Here then, gentle reader, from Pickleherring's 43rd box, carefully copied down nearly half a century ago after Mr Shakespeare's funeral from the tear-oiled lips of a fellow mourner (Lucy Hornby, widow of the blacksmith Richard Hornby) is the speech that Shakespeare made when he killed a calf.

The bard's famous calf-killing speech, never before published.

Mrs Hornby told me she heard it twice. She had never been able to forget the boy William standing there in the sawdust, cleaver in hand, eyes rolling, apron cross-hatched and boltered with blood, nor the words that came pouring forth in a red torrent as she waited with some impatience for her joint.

This is what Shakespeare said:

I am the butcher takes away the calf

And binds the wretch, and beats it when it strays,

And bears it to the bloody slaughter-house.

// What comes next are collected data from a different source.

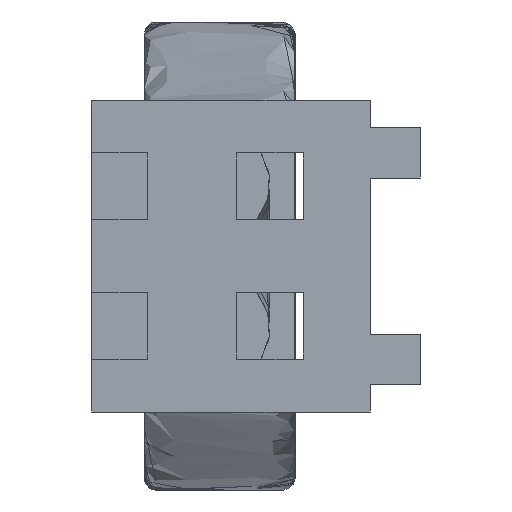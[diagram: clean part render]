
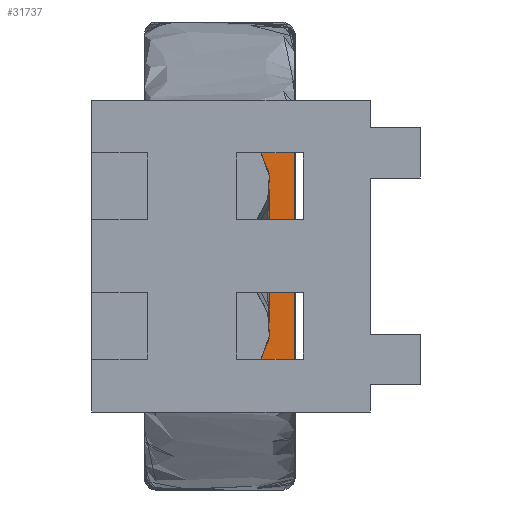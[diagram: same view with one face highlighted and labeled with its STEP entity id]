
A CAD part, left-side view. The second image highlights one B-rep face of the part: STEP entity #31737.
In plain terms, the highlighted planar face has unit normal (-1, 0, 0).
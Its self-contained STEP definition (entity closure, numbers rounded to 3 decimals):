
#2911 = FACE_OUTER_BOUND ( 'NONE', #29489, .T. ) ;
#3738 = CIRCLE ( 'NONE', #28755, 0.2 ) ;
#8259 = ORIENTED_EDGE ( 'NONE', *, *, #56509, .F. ) ;
#12328 = EDGE_CURVE ( 'NONE', #56380, #64159, #66540, .T. ) ;
#12769 = ORIENTED_EDGE ( 'NONE', *, *, #68828, .F. ) ;
#15141 = CARTESIAN_POINT ( 'NONE',  ( -965., 2.3, 2.7 ) ) ;
#15217 = VERTEX_POINT ( 'NONE', #58373 ) ;
#15734 = AXIS2_PLACEMENT_3D ( 'NONE', #34215, #55571, #22818 ) ;
#16784 = EDGE_CURVE ( 'NONE', #55674, #56380, #47585, .T. ) ;
#16852 = DIRECTION ( 'NONE',  ( 0., 0., -1. ) ) ;
#16863 = ORIENTED_EDGE ( 'NONE', *, *, #26580, .F. ) ;
#17847 = EDGE_CURVE ( 'NONE', #32438, #49984, #63909, .T. ) ;
#17934 = VERTEX_POINT ( 'NONE', #21538 ) ;
#20886 = AXIS2_PLACEMENT_3D ( 'NONE', #25404, #32147, #53852 ) ;
#21538 = CARTESIAN_POINT ( 'NONE',  ( -965., 0., -2.7 ) ) ;
#22818 = DIRECTION ( 'NONE',  ( 0., 0., 1. ) ) ;
#22884 = VECTOR ( 'NONE', #34615, 1000. ) ;
#23225 = CARTESIAN_POINT ( 'NONE',  ( -965., 2.3, -2.7 ) ) ;
#23268 = DIRECTION ( 'NONE',  ( 1., 0., 0. ) ) ;
#24890 = DIRECTION ( 'NONE',  ( 0., 0., -1. ) ) ;
#25263 = LINE ( 'NONE', #25613, #66383 ) ;
#25404 = CARTESIAN_POINT ( 'NONE',  ( -965., 0., -2.5 ) ) ;
#25613 = CARTESIAN_POINT ( 'NONE',  ( -965., -0.2, 2.5 ) ) ;
#26580 = EDGE_CURVE ( 'NONE', #49984, #15217, #31946, .T. ) ;
#26981 = CARTESIAN_POINT ( 'NONE',  ( -965., 2.3, -2.7 ) ) ;
#28755 = AXIS2_PLACEMENT_3D ( 'NONE', #65948, #65592, #43931 ) ;
#29489 = EDGE_LOOP ( 'NONE', ( #68903, #52517, #16863, #53757, #8259, #60172, #40724, #12769 ) ) ;
#29606 = LINE ( 'NONE', #23225, #22884 ) ;
#30313 = DIRECTION ( 'NONE',  ( 0., 0., -1. ) ) ;
#31737 = ADVANCED_FACE ( 'NONE', ( #2911 ), #61290, .T. ) ;
#31946 = CIRCLE ( 'NONE', #66034, 0.2 ) ;
#32147 = DIRECTION ( 'NONE',  ( 1., 0., 0. ) ) ;
#32438 = VERTEX_POINT ( 'NONE', #64703 ) ;
#34215 = CARTESIAN_POINT ( 'NONE',  ( -965., 2.3, -2.5 ) ) ;
#34503 = VECTOR ( 'NONE', #55523, 1000. ) ;
#34615 = DIRECTION ( 'NONE',  ( 0., 1., 0. ) ) ;
#36881 = DIRECTION ( 'NONE',  ( 0., -1., 0. ) ) ;
#37521 = CARTESIAN_POINT ( 'NONE',  ( -965., 2.5, 2.5 ) ) ;
#39659 = CARTESIAN_POINT ( 'NONE',  ( -965., 0., 2.5 ) ) ;
#39811 = VERTEX_POINT ( 'NONE', #51567 ) ;
#40724 = ORIENTED_EDGE ( 'NONE', *, *, #16784, .F. ) ;
#43470 = AXIS2_PLACEMENT_3D ( 'NONE', #55987, #68025, #30313 ) ;
#43931 = DIRECTION ( 'NONE',  ( 0., 0., -1. ) ) ;
#44186 = VECTOR ( 'NONE', #36881, 1000. ) ;
#46468 = EDGE_CURVE ( 'NONE', #39811, #17934, #69744, .T. ) ;
#47585 = CIRCLE ( 'NONE', #15734, 0.2 ) ;
#49984 = VERTEX_POINT ( 'NONE', #56934 ) ;
#50202 = CARTESIAN_POINT ( 'NONE',  ( -965., 2.5, 2.5 ) ) ;
#51567 = CARTESIAN_POINT ( 'NONE',  ( -965., -0.2, -2.5 ) ) ;
#52517 = ORIENTED_EDGE ( 'NONE', *, *, #61422, .F. ) ;
#53525 = CARTESIAN_POINT ( 'NONE',  ( -965., 2.5, -2.5 ) ) ;
#53757 = ORIENTED_EDGE ( 'NONE', *, *, #17847, .F. ) ;
#53852 = DIRECTION ( 'NONE',  ( 0., 0., -1. ) ) ;
#55523 = DIRECTION ( 'NONE',  ( 0., 0., 1. ) ) ;
#55571 = DIRECTION ( 'NONE',  ( 1., 0., 0. ) ) ;
#55674 = VERTEX_POINT ( 'NONE', #26981 ) ;
#55987 = CARTESIAN_POINT ( 'NONE',  ( -965., 0., -2.5 ) ) ;
#56380 = VERTEX_POINT ( 'NONE', #53525 ) ;
#56509 = EDGE_CURVE ( 'NONE', #64159, #32438, #3738, .T. ) ;
#56934 = CARTESIAN_POINT ( 'NONE',  ( -965., 0., 2.7 ) ) ;
#58373 = CARTESIAN_POINT ( 'NONE',  ( -965., -0.2, 2.5 ) ) ;
#60172 = ORIENTED_EDGE ( 'NONE', *, *, #12328, .F. ) ;
#61290 = PLANE ( 'NONE',  #43470 ) ;
#61422 = EDGE_CURVE ( 'NONE', #15217, #39811, #25263, .T. ) ;
#63909 = LINE ( 'NONE', #15141, #44186 ) ;
#64159 = VERTEX_POINT ( 'NONE', #37521 ) ;
#64703 = CARTESIAN_POINT ( 'NONE',  ( -965., 2.3, 2.7 ) ) ;
#65592 = DIRECTION ( 'NONE',  ( 1., 0., 0. ) ) ;
#65948 = CARTESIAN_POINT ( 'NONE',  ( -965., 2.3, 2.5 ) ) ;
#66034 = AXIS2_PLACEMENT_3D ( 'NONE', #39659, #23268, #16852 ) ;
#66383 = VECTOR ( 'NONE', #24890, 1000. ) ;
#66540 = LINE ( 'NONE', #50202, #34503 ) ;
#68025 = DIRECTION ( 'NONE',  ( -1., 0., 0. ) ) ;
#68828 = EDGE_CURVE ( 'NONE', #17934, #55674, #29606, .T. ) ;
#68903 = ORIENTED_EDGE ( 'NONE', *, *, #46468, .F. ) ;
#69744 = CIRCLE ( 'NONE', #20886, 0.2 ) ;

Hark how his dam runs lowing up and down,

Looking the way her harmless young one went!

She can do naught but wail her darling's loss ...

I am the butcher, &. etc., & etc., & etc.

That is, old Mrs Hornby claimed that Shakespeare repeated what he had said. He would say the lines over and over, she insisted, rather than get on with the job in hand, and actually cut up the calf.

(I must say that I doubt this repetition. Mr Shakespeare in my experience never repeated himself. More likely that my informant was disguising her own failure to remember more.)

Some of the other customers, the widow Hornby told me, made complaints to the management. They appreciated neither the tenderness of the sentiments expressed in the verse nor the toughness of the steaks carved out by Shakespeare.

The way in which the apprentice reminded his audience just what the meat on the end of their forks really is cannot have been much good for business either. But I think it took more than a few dissatisfied customers to put an end to William Shakespeare's too brilliant career as a butcher, and to drive him forth again from the bounds of Stratford.

It took, my dears, a death, and a birth, and an earthquake.

Chapter Forty-Four In which there is a death, and a birth, and an earthquake

The death, first. The death was that of Shakespeare's sister Anne.